What this task involves →
Scan the data, and whenever a line contains "products", copy it.

Extracted material →

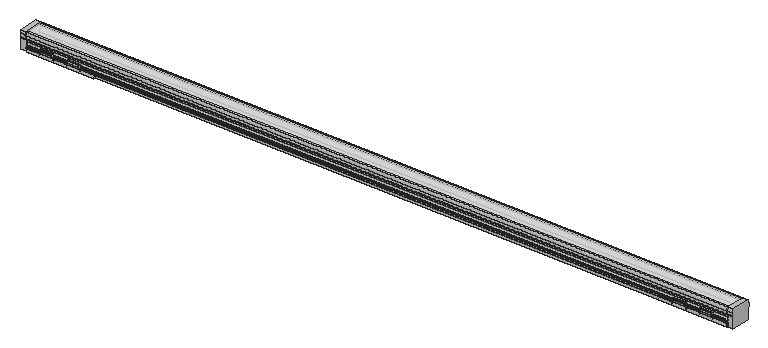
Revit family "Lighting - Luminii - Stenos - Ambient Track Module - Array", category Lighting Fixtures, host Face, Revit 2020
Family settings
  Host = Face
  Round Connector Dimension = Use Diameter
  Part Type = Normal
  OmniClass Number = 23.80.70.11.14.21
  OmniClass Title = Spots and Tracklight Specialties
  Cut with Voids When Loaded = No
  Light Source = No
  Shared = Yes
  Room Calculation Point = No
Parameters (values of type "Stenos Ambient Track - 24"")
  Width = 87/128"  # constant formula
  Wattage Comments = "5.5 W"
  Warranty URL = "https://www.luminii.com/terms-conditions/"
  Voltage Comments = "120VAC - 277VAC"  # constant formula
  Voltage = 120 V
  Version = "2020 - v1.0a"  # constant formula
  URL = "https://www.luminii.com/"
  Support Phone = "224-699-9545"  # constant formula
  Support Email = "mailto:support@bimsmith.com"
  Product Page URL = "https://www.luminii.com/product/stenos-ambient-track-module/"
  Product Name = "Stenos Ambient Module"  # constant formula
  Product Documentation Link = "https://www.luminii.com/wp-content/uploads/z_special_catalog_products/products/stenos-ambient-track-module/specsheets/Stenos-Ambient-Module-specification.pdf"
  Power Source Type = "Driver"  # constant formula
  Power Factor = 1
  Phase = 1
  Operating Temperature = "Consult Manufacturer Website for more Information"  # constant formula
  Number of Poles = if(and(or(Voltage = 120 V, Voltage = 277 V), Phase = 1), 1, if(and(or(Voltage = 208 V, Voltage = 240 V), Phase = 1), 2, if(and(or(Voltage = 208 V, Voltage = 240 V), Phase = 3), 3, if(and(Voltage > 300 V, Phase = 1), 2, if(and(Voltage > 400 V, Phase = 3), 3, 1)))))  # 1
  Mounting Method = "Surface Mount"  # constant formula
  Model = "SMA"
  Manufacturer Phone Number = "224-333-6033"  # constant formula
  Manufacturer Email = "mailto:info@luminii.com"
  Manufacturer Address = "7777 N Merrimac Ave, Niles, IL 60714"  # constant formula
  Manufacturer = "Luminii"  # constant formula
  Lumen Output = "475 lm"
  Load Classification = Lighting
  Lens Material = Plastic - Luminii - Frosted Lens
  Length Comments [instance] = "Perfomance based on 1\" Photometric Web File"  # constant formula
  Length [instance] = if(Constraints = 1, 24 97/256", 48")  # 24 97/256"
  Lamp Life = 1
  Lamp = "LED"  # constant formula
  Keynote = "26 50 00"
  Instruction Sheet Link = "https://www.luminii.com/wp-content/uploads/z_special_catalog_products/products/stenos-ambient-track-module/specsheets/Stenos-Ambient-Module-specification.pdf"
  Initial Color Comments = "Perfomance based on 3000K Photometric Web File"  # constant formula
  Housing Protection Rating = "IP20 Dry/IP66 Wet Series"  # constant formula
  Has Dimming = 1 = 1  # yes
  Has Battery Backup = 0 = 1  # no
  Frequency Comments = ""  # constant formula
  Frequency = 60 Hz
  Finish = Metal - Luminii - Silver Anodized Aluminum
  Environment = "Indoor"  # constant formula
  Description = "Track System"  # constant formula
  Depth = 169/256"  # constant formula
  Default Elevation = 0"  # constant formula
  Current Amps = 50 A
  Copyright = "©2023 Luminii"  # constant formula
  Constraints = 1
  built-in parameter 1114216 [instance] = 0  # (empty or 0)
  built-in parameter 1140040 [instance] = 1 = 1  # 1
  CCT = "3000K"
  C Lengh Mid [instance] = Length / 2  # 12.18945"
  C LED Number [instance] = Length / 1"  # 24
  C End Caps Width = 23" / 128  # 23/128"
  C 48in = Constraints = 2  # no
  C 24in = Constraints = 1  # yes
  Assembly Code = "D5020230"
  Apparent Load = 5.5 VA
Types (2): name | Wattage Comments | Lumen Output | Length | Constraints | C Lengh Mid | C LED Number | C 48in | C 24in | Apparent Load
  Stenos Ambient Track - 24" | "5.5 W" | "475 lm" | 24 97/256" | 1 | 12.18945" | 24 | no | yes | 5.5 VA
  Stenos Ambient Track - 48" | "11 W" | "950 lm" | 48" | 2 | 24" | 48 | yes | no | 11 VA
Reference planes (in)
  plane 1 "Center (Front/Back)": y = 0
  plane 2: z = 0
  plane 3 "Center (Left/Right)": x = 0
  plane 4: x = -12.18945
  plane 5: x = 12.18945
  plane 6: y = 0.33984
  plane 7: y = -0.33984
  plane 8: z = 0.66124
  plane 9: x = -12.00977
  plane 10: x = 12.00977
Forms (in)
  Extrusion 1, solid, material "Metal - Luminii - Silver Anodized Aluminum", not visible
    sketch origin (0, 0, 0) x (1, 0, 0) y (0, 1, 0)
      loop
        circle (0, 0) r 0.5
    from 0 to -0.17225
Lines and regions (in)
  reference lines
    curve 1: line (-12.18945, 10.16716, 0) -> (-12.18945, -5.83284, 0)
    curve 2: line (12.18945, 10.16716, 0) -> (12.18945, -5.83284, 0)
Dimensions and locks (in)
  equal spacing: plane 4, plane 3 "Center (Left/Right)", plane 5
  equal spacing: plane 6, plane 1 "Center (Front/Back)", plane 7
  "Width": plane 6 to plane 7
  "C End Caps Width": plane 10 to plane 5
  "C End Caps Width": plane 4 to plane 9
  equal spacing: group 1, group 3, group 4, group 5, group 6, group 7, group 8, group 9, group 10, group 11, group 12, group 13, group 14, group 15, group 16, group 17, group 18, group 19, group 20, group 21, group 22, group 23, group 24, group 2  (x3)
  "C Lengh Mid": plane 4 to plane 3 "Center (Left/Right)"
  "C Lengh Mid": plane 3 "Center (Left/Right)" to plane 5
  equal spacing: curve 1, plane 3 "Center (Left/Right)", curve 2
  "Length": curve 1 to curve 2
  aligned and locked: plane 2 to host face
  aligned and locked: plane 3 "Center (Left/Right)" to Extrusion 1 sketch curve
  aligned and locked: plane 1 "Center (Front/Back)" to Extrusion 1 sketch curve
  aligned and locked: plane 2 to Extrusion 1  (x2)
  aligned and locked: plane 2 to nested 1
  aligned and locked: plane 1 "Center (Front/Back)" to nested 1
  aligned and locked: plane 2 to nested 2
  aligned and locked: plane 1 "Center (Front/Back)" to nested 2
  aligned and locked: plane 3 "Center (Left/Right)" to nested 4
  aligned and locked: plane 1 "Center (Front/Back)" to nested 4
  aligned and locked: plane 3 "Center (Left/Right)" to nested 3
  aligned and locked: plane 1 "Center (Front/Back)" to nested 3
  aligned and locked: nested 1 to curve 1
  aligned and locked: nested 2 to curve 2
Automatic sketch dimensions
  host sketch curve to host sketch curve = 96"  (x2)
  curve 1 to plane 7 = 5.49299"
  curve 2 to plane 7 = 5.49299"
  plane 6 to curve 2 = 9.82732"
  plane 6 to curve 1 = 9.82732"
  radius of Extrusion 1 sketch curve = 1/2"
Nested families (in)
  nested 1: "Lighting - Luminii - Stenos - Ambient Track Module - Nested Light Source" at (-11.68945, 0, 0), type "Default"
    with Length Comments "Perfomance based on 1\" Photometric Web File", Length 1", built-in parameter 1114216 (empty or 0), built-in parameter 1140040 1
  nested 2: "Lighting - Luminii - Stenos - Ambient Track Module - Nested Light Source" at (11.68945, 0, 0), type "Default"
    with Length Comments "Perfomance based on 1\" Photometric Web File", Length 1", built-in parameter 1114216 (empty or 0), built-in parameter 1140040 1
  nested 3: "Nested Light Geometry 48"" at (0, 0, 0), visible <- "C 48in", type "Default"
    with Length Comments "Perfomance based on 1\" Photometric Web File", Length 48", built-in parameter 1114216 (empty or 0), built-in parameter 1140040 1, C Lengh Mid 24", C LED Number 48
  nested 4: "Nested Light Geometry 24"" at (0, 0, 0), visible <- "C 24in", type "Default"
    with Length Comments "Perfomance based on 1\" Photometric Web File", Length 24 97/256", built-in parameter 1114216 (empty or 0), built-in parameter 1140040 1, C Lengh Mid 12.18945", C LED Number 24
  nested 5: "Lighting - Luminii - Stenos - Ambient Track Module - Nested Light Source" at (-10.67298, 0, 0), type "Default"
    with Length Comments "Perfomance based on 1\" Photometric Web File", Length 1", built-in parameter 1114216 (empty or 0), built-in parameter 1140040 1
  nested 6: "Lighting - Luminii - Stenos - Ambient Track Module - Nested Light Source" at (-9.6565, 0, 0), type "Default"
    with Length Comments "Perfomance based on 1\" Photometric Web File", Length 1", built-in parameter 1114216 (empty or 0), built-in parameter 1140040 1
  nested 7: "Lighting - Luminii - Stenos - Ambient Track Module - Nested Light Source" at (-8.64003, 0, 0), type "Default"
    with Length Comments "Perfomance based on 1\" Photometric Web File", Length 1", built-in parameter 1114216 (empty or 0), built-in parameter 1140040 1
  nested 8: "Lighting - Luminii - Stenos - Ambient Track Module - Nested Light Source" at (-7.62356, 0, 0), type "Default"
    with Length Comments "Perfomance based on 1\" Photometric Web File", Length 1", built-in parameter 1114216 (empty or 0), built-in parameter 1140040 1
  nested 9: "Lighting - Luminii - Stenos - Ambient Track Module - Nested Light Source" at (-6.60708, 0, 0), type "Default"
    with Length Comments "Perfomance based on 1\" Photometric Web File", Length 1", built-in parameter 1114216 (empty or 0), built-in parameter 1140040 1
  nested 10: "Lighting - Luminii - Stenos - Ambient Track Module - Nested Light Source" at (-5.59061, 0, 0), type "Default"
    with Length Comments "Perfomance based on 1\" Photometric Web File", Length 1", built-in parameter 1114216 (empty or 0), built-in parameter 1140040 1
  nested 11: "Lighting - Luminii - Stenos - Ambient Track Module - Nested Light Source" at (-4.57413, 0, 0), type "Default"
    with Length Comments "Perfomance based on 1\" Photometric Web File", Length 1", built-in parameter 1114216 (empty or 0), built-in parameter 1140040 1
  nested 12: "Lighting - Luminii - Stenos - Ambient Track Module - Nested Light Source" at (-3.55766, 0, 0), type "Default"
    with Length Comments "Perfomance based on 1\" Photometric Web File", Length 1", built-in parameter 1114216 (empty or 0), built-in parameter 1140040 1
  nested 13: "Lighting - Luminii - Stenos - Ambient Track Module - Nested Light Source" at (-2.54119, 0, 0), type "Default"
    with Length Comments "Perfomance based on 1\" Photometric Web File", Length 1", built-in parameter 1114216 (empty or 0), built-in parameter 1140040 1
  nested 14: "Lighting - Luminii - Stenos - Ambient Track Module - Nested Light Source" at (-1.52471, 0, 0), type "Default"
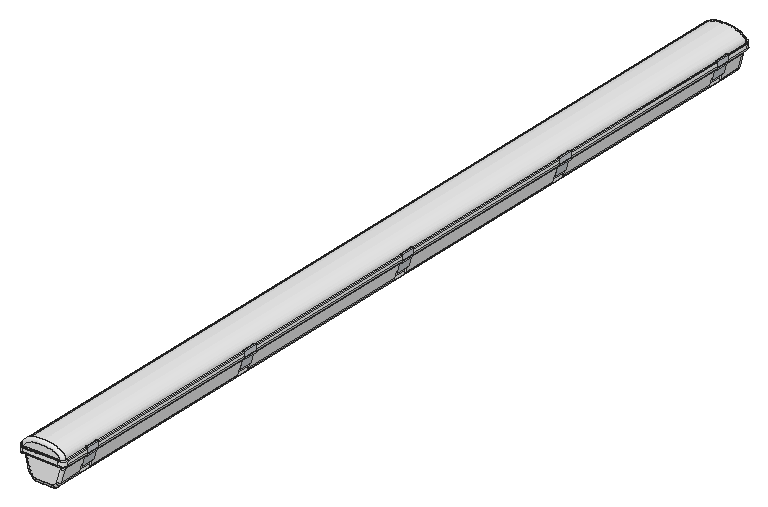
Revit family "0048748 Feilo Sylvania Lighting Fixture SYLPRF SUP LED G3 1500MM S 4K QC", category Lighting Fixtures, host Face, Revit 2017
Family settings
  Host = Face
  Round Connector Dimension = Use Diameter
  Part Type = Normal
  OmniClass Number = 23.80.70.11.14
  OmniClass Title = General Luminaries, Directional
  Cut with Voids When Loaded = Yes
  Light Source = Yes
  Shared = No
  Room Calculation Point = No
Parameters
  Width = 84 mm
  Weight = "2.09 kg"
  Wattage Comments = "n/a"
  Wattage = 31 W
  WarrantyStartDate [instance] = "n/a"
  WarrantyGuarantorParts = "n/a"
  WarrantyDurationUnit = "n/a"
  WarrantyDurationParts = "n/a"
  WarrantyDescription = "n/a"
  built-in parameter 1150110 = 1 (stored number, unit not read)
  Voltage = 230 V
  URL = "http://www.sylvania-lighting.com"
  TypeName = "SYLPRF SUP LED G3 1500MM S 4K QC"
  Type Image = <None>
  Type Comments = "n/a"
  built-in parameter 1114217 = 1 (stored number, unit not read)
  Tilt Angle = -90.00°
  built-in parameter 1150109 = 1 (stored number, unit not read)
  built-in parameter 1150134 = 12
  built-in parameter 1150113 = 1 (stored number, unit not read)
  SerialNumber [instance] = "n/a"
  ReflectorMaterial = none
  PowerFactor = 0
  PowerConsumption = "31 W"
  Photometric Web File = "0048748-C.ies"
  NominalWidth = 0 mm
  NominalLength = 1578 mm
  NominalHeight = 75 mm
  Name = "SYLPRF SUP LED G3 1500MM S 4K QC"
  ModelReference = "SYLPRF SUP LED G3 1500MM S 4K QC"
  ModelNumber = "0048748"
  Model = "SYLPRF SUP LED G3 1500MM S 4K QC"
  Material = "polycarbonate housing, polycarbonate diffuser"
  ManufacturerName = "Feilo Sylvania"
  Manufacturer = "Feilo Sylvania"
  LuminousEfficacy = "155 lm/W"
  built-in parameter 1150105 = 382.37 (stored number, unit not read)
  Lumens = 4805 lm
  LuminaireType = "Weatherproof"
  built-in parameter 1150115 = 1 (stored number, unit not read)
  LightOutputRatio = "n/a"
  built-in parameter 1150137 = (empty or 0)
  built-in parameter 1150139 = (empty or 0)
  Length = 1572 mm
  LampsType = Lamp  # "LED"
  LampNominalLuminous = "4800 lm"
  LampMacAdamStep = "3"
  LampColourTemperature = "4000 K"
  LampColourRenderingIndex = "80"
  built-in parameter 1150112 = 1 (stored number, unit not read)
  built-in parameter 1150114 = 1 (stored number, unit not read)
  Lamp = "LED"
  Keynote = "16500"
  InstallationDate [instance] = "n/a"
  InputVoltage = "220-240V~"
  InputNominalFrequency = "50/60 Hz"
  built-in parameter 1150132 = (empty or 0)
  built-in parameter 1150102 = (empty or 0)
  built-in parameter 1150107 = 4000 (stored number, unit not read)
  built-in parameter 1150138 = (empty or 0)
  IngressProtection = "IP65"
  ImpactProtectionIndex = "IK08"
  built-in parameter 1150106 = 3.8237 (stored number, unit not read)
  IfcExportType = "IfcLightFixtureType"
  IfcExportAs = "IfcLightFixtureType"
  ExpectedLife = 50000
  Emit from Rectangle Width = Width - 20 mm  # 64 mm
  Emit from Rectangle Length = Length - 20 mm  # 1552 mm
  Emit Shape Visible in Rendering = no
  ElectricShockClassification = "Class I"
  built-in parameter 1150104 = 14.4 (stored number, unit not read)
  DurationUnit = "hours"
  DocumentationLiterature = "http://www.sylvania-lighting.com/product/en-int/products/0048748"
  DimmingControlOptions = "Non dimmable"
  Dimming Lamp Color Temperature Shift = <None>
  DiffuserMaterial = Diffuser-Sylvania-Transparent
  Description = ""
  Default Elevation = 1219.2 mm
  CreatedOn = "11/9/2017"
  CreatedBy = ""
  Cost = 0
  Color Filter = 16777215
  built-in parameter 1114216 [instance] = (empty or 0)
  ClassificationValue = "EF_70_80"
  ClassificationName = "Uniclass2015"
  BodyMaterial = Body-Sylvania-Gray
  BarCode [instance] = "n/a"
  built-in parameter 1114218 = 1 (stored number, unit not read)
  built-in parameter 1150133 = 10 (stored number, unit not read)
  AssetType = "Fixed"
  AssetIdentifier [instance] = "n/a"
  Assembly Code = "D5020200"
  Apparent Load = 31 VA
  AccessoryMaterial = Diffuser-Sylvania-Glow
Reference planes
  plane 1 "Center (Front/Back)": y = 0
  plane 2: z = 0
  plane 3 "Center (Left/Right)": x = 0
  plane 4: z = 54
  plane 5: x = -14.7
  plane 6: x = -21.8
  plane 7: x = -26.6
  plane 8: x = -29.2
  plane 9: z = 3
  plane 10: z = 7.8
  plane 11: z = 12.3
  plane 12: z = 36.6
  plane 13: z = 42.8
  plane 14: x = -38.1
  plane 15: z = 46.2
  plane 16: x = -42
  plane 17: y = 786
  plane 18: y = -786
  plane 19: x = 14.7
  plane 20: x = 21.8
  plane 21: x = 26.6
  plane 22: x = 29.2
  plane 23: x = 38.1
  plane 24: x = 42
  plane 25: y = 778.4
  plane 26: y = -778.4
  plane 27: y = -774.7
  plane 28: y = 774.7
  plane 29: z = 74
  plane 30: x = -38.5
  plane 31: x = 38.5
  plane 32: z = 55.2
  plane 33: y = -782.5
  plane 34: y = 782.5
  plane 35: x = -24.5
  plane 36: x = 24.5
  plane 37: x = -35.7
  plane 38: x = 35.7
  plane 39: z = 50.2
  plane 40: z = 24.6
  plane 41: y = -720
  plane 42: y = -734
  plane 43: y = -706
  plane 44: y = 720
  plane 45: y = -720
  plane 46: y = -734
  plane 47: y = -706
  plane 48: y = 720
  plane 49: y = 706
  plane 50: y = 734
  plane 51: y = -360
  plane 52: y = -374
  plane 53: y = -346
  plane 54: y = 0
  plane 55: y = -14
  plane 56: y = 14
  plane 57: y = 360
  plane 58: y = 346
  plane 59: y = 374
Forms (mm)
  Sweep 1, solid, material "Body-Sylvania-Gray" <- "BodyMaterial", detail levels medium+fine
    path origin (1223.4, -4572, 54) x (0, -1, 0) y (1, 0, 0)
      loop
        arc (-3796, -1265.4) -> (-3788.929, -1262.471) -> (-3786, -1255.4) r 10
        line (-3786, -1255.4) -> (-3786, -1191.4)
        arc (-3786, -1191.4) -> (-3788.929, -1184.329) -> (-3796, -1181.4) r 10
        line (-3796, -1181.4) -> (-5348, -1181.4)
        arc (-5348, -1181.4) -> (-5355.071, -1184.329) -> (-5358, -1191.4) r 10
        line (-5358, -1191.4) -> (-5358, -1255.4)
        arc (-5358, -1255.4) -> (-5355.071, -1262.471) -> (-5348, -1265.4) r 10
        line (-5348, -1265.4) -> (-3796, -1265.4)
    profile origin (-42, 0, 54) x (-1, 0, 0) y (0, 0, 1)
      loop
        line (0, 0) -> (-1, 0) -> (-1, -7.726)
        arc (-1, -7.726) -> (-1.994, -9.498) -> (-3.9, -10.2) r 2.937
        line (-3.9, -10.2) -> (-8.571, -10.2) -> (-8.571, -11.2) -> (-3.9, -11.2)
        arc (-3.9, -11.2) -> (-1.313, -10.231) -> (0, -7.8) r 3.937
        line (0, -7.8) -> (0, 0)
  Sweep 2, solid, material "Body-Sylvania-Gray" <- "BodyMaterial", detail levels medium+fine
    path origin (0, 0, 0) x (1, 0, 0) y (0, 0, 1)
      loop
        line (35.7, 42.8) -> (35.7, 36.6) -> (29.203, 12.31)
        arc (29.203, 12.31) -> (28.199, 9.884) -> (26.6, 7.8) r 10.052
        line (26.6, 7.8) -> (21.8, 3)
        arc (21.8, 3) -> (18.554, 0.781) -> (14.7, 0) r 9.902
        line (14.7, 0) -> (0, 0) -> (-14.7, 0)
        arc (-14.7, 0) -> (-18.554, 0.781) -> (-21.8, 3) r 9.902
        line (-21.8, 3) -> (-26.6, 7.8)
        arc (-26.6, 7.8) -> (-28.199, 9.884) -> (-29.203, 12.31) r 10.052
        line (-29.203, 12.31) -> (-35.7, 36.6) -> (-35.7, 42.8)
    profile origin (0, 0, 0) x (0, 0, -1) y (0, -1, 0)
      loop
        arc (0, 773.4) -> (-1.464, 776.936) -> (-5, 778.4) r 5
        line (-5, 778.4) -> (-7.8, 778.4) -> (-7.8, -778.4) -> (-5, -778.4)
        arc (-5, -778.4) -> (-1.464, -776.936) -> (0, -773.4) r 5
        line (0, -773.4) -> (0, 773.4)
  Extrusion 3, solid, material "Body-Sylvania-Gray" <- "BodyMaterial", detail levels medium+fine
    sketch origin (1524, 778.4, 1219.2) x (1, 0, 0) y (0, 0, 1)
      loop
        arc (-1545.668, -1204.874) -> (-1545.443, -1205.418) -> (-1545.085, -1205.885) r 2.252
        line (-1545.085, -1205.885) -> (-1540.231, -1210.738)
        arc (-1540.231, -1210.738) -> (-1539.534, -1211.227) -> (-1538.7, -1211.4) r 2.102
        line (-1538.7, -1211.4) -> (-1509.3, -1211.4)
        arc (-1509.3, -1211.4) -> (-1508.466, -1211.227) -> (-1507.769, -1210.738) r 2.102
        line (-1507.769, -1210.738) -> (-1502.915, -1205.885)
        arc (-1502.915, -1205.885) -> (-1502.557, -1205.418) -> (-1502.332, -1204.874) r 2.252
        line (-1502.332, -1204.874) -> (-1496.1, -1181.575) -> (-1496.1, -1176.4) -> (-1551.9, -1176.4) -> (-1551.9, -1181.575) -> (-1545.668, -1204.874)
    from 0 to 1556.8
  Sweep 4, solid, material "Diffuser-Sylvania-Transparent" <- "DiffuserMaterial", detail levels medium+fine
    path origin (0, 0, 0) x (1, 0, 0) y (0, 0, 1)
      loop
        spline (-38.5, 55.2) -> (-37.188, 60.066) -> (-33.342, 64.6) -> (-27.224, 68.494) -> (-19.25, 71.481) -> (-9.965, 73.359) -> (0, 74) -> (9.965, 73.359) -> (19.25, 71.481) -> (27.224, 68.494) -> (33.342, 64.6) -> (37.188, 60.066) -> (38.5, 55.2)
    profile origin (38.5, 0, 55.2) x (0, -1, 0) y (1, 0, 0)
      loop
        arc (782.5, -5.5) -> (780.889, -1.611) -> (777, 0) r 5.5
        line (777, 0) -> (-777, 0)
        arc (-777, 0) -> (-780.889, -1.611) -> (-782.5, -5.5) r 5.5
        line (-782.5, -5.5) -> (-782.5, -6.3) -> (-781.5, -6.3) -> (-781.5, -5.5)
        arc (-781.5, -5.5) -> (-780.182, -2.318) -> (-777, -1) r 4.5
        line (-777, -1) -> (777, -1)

Solution →
  Product Documentation Link = "https://www.luminii.com/wp-content/uploads/z_special_catalog_products/products/stenos-ambient-track-module/specsheets/Stenos-Ambient-Module-specification.pdf"
  Instruction Sheet Link = "https://www.luminii.com/wp-content/uploads/z_special_catalog_products/products/stenos-ambient-track-module/specsheets/Stenos-Ambient-Module-specification.pdf"
  DocumentationLiterature = "http://www.sylvania-lighting.com/product/en-int/products/0048748"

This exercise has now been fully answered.